Molecules are exist in dynamic environments, constantly undergoing thermal motion and fluctuating between a range of conformations. What we mean by "conformation" is a local minimum in terms of all molecular coordinates, the bottom of a potential well on the potential energy surface (PES). In reality, molecules do not adopt strictly this conformation, but oscillates around this local minimum until it crosses over to another local minimum.

In the context of computational chemistry, we often use conformations (the minima) in order to study the properties of the molecule in its state of flux. However, determining the most energetically favorable or relevant conformations for a given molecule is a complex task due to the high dimensionality of the conformational space, namely $3N - 6$ dimensions (or $3N - 5$ for linear molecules). Conformational sampling methods aim to address this challenge by efficiently exploring this vast space and identifying all the significant local minima.

Example: the conformations of butane

Butane has only two unique stable conformations. The most stable conformation is obtained when the carbon backbone forms a zig-zag, putting the terminal methyl groups anti to each other (State A below). In this conformation, all the hydrogens are staggered to each other and the methyl groups are as far from each other as they can be.

The second stable conformation also has every group staggered to each other, but the methyl groups are gauche to each other (State C). To go from one conformation to the other, butane must pass over an energy barrier (State B). The maximum point of the barrier (the transition state) occurs when the groups of the internal carbons are eclipsed and thus repulse each other the most. An even greater barrier occurs at State D due to the eclipsed methyl groups.

Only one molecular coordinate is considered in this example, but larger flexible molecules have many molecular coordinates that must be explored. For example, if we consider longer linear alkane chains, the number of conformations featuring only staggered groups increases exponentially. Moreover, functional groups that can interact favorably with each other can force chains to fold due to a stability gain greater than the energy cost of bringing groups gauche to each other. The most notable example is the case of proteins, which fold into very specific structures due to internal hydrogen bonds.

Manual Animation

How conformations are found

Various algorithms and techniques have been developed to explore the conformational space effectively. These include systematic search methods, such as the systematic torsion angle sampling or grid-based techniques, as well as stochastic search methods, like Monte Carlo methods and molecular dynamics simulations. Each approach has its strengths and limitations, and the choice of method depends on the specific objectives and computational resources available.

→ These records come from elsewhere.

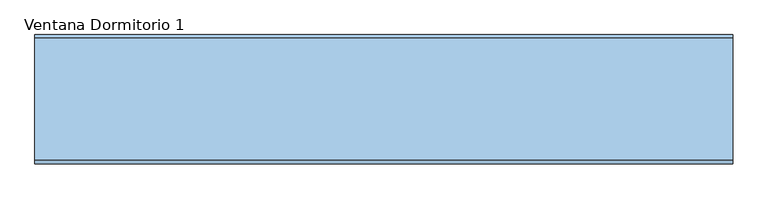
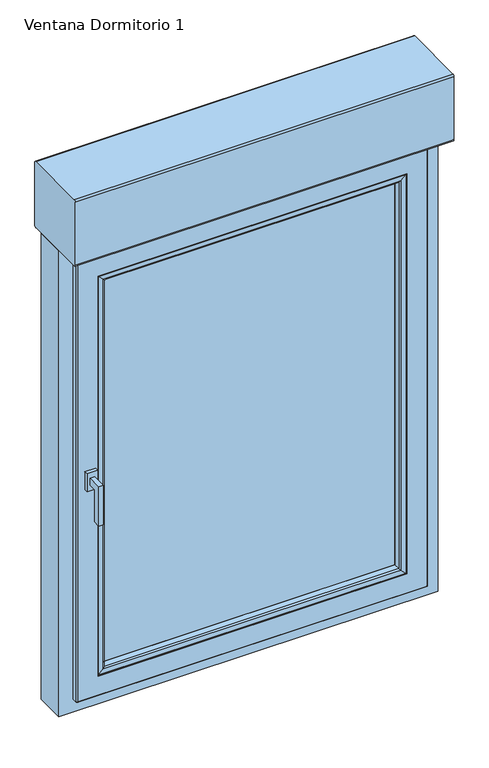
"""IFC4 building model written with IfcOpenShell, lengths in millimetres: window geometry, 2019_ES_Ventana_Replus_re80pvc301_10100_box_1-Hoja_con-Compacto : Ventana Dormitorio 1."""

from ifc_helpers import new_model, si_unit, point, frame, frame_2d, origin, place, context, project, spatial, polyline, circle_curve, ellipse_curve, trimmed, segment, composite_curve, outline, extrude, source, transform, mapped, element, save
from ifc_brep_helpers import plane_surface, cylinder_surface, advanced_brep


def ventana_dormitorio_1_e636b9de(model_context):
    return source(origin(), model_context, "Body", "SolidModel", [
        extrude(outline(composite_curve([segment(polyline([(55.0, 2110.0), (-120.0, 2110.0)]), True, "CONTINUOUS"), segment(trimmed(circle_curve(frame_2d((-120.0, 2115.0)), 5.0), [point((-120.0, 2110.0))], [point((-125.0, 2115.0))], False, "CARTESIAN"), True, "CONTINUOUS"), segment(polyline([(-125.0, 2115.0), (-125.0, 2290.0)]), True, "CONTINUOUS"), segment(trimmed(circle_curve(frame_2d((-120.0, 2290.0)), 5.0), [point((-125.0, 2290.0))], [point((-120.0, 2295.0))], False, "CARTESIAN"), True, "CONTINUOUS"), segment(polyline([(-120.0, 2295.0), (55.0, 2295.0)]), True, "CONTINUOUS"), segment(trimmed(circle_curve(frame_2d((55.0, 2290.0)), 5.0), [point((55.0, 2295.0))], [point((60.0, 2290.0))], False, "CARTESIAN"), True, "CONTINUOUS"), segment(polyline([(60.0, 2290.0), (60.0, 2115.0)]), True, "CONTINUOUS"), segment(trimmed(circle_curve(frame_2d((55.0, 2115.0)), 5.0), [point((60.0, 2115.0))], [point((55.0, 2110.0))], False, "CARTESIAN"), True, "CONTINUOUS")], self_intersect=False)), frame((-500.0, 0.0, 0.0), z_axis=(1.0, 0.0, 0.0), x_axis=(0.0, 1.0, 0.0)), (0.0, 0.0, 1.0), 1000.0),
        extrude(outline(polyline([(-78.4999991, 1470.0), (-78.4999991, 1450.0), (-98.4999991, 1450.0), (-98.4999991, 1360.0), (-118.4999991, 1360.0), (-118.4999991, 1470.0), (-78.4999991, 1470.0)])), frame((-434.1999993, 0.0, 0.0), z_axis=(1.0, 0.0, 0.0), x_axis=(0.0, 1.0, 0.0)), (0.0, 0.0, 1.0), 12.0),
        extrude(outline(polyline([(-413.9687607, -78.4999991), (-442.4312378, -78.4999991), (-442.4312378, -68.4999991), (-413.9687607, -68.4999991), (-413.9687607, -78.4999991)])), frame((0.0, 0.0, 1435.217127), z_axis=(0.0, 0.0, 1.0), x_axis=(1.0, 0.0, 0.0)), (0.0, 0.0, 1.0), 49.565746),
        extrude(outline(polyline([(2007.2, 397.1999993), (2007.2, -397.1999993), (909.8, -397.1999993), (909.8, 397.1999993), (2007.2, 397.1999993)]), holes=[polyline([(917.8, 389.1999993), (917.8, -389.1999993), (1999.2, -389.1999993), (1999.2, 389.1999993), (917.8, 389.1999993)])]), frame((0.0, -26.9999999, 0.0), z_axis=(0.0, 1.0, 0.0), x_axis=(0.0, 0.0, 1.0)), (0.0, 0.0, 1.0), 16.0),
        extrude(outline(polyline([(2007.1868066, 397.1868058), (2007.1868066, -397.1868058), (909.8131934, -397.1868058), (909.8131934, 397.1868058), (2007.1868066, 397.1868058)]), holes=[polyline([(917.8, 389.1999993), (917.8, -389.1999993), (1999.2, -389.1999993), (1999.2, 389.1999993), (917.8, 389.1999993)])]), frame((0.0, -47.0000001, 0.0), z_axis=(0.0, 1.0, 0.0), x_axis=(0.0, 0.0, 1.0)), (0.0, 0.0, 1.0), 16.0),
        extrude(outline(polyline([(397.1999993, -6.9999997), (397.1999993, -10.9999999), (-397.1999993, -10.9999999), (-397.1999993, -6.9999997), (397.1999993, -6.9999997)])), frame((0.0, 0.0, 903.7946451), z_axis=(0.0, 0.0, 1.0), x_axis=(1.0, 0.0, 0.0)), (0.0, 0.0, 1.0), 1109.4053549),
        extrude(outline(polyline([(397.1999993, -26.9999999), (397.1999993, -31.0000001), (-397.1999993, -31.0000001), (-397.1999993, -26.9999999), (397.1999993, -26.9999999)])), frame((0.0, 0.0, 903.7946451), z_axis=(0.0, 0.0, 1.0), x_axis=(1.0, 0.0, 0.0)), (0.0, 0.0, 1.0), 1109.4053549),
        extrude(outline(polyline([(397.1999993, -47.0000001), (397.1999993, -51.0000003), (-397.1999993, -51.0000003), (-397.1999993, -47.0000001), (397.1999993, -47.0000001)])), frame((0.0, 0.0, 903.7946451), z_axis=(0.0, 0.0, 1.0), x_axis=(1.0, 0.0, 0.0)), (0.0, 0.0, 1.0), 1109.4053549),
        advanced_brep(
        [(387.2913171, 9.2764571, 1997.2913178), (390.1890946, 11.5, 2000.1890953), (390.1890946, 11.5, 919.8109047), (387.2913171, 9.2764571, 922.7086822), (430.1999993, 11.5, 879.8), (-430.1999993, 11.5, 879.8), (-430.1999993, 11.5, 2040.2), (430.1999993, 11.5, 2040.2), (-390.1890946, 11.5, 2000.1890953), (-390.1890946, 11.5, 919.8109047), (-387.2913171, 9.2764571, 922.7086822), (384.1757968, -2.3508228, 1994.1757976), (384.1757968, -2.3508228, 925.8242024), (-384.1757968, -2.3508228, 925.8242024), (384.6739305, -3.0000033, 1994.6739313), (384.6739305, -3.0000033, 925.3260687), (-384.6739305, -3.0000033, 925.3260687), (391.1999993, -3.0000033, 2001.2), (-391.1999993, -3.0000033, 2001.2), (-391.1999993, -3.0000033, 918.8), (391.1999993, -3.0000033, 918.8), (-384.6739305, -3.0000033, 1994.6739313), (391.1999993, -6.9999997, 2001.2), (391.1999993, -6.9999997, 918.8), (-391.1999993, -6.9999997, 918.8), (411.8162192, -6.9999997, 2021.8162199), (-411.8162192, -6.9999997, 2021.8162199), (-411.8162192, -6.9999997, 898.1837801), (411.8162192, -6.9999997, 898.1837801), (-391.1999993, -6.9999997, 2001.2), (409.1999993, -25.6153717, 2019.2), (409.1999993, -25.6153717, 900.8), (-409.1999993, -25.6153717, 900.8), (409.1999993, -56.4999995, 2019.2), (409.1999993, -56.4999995, 900.8), (-409.1999993, -56.4999995, 900.8), (-409.1999993, -56.4999995, 2019.2), (397.1999993, -56.4999995, 2007.2), (-397.1999993, -56.4999995, 2007.2), (-397.1999993, -56.4999995, 912.8), (397.1999993, -56.4999995, 912.8), (397.1999993, -51.0000003, 2007.2), (397.1999993, -51.0000003, 912.8), (-397.1999993, -51.0000003, 912.8), (-397.1999993, -51.0000003, 2007.2), (386.007687, -51.0000003, 1996.0076877), (-386.007687, -51.0000003, 1996.0076877), (-386.007687, -51.0000003, 923.9923123), (386.007687, -51.0000003, 923.9923123), (385.4940999, -51.6693201, 1995.4941006), (385.4940999, -51.6693201, 924.5058994), (-385.4940999, -51.6693201, 924.5058994), (388.8993918, -64.3780426, 1998.8993925), (388.8993918, -64.3780426, 921.1006075), (-388.8993918, -64.3780426, 921.1006075), (392.6234971, -67.3403297, 2002.6234978), (392.6234971, -67.3403297, 917.3765022), (-392.6234971, -67.3403297, 917.3765022), (405.6488427, -67.7951848, 2015.6488434), (405.6488427, -67.7951848, 904.3511566), (-405.6488427, -67.7951848, 904.3511566), (406.1999993, -67.2629391, 2016.2), (406.1999993, -67.2629391, 903.8), (-406.1999993, -67.2629391, 903.8), (407.4370593, -68.4999991, 2017.43706), (407.4370593, -68.4999991, 902.56294), (-407.4370593, -68.4999991, 902.56294), (460.1999993, -68.4999991, 2070.2), (-460.1999993, -68.4999991, 2070.2), (-460.1999993, -68.4999991, 849.8), (460.1999993, -68.4999991, 849.8), (-407.4370593, -68.4999991, 2017.43706), (463.1999993, -65.4999991, 2073.2), (463.1999993, -65.4999991, 846.8), (-463.1999993, -65.4999991, 846.8), (463.1999993, -50.0, 2073.2), (463.1999993, -50.0, 846.8), (-463.1999993, -50.0, 846.8), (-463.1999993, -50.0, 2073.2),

One relatively recent solution to this problem has been developed and made freely available by the group of Stefan Grimme in a software called CREST. This approach makes extensive use of the extremely fast GFNn-xTB methods (available through the xtb package), which enable dynamics simulations for all the supported elements (hydrogen to radon). These simulations could be done using standard forcefields instead of GFNn-xTB, but this is very restrictive in terms of the supported molecules. Indeed, most forcefields have been developed with peptides and proteins in mind. Other molecules can be simulated using forcefields if proper parameters can be developed for these specific molecules. The GFNn-xTB methods thus provide a very convenient way to simulate the dynamics of almost any molecule. Moreover, the Grimme group have developed a forcefield method inspired from the GFNn-xTB methods and developed an automated parameterization procedure in order to keep the same generality. Among the three GFNn-xTB methods (n from 0 to 2), GFN2-xTB is the most accurate, and thus we will only consider this method out of the three here.

Conformational sampling is achieved by using molecular dynamics simulations to find new conformers. Starting from the initial conformation of the molecule, multiple other conformations will be explored throughout the simulations, purely through the random atomic movements within the molecule. With long enough simulations, all conformations will be visited by the molecule.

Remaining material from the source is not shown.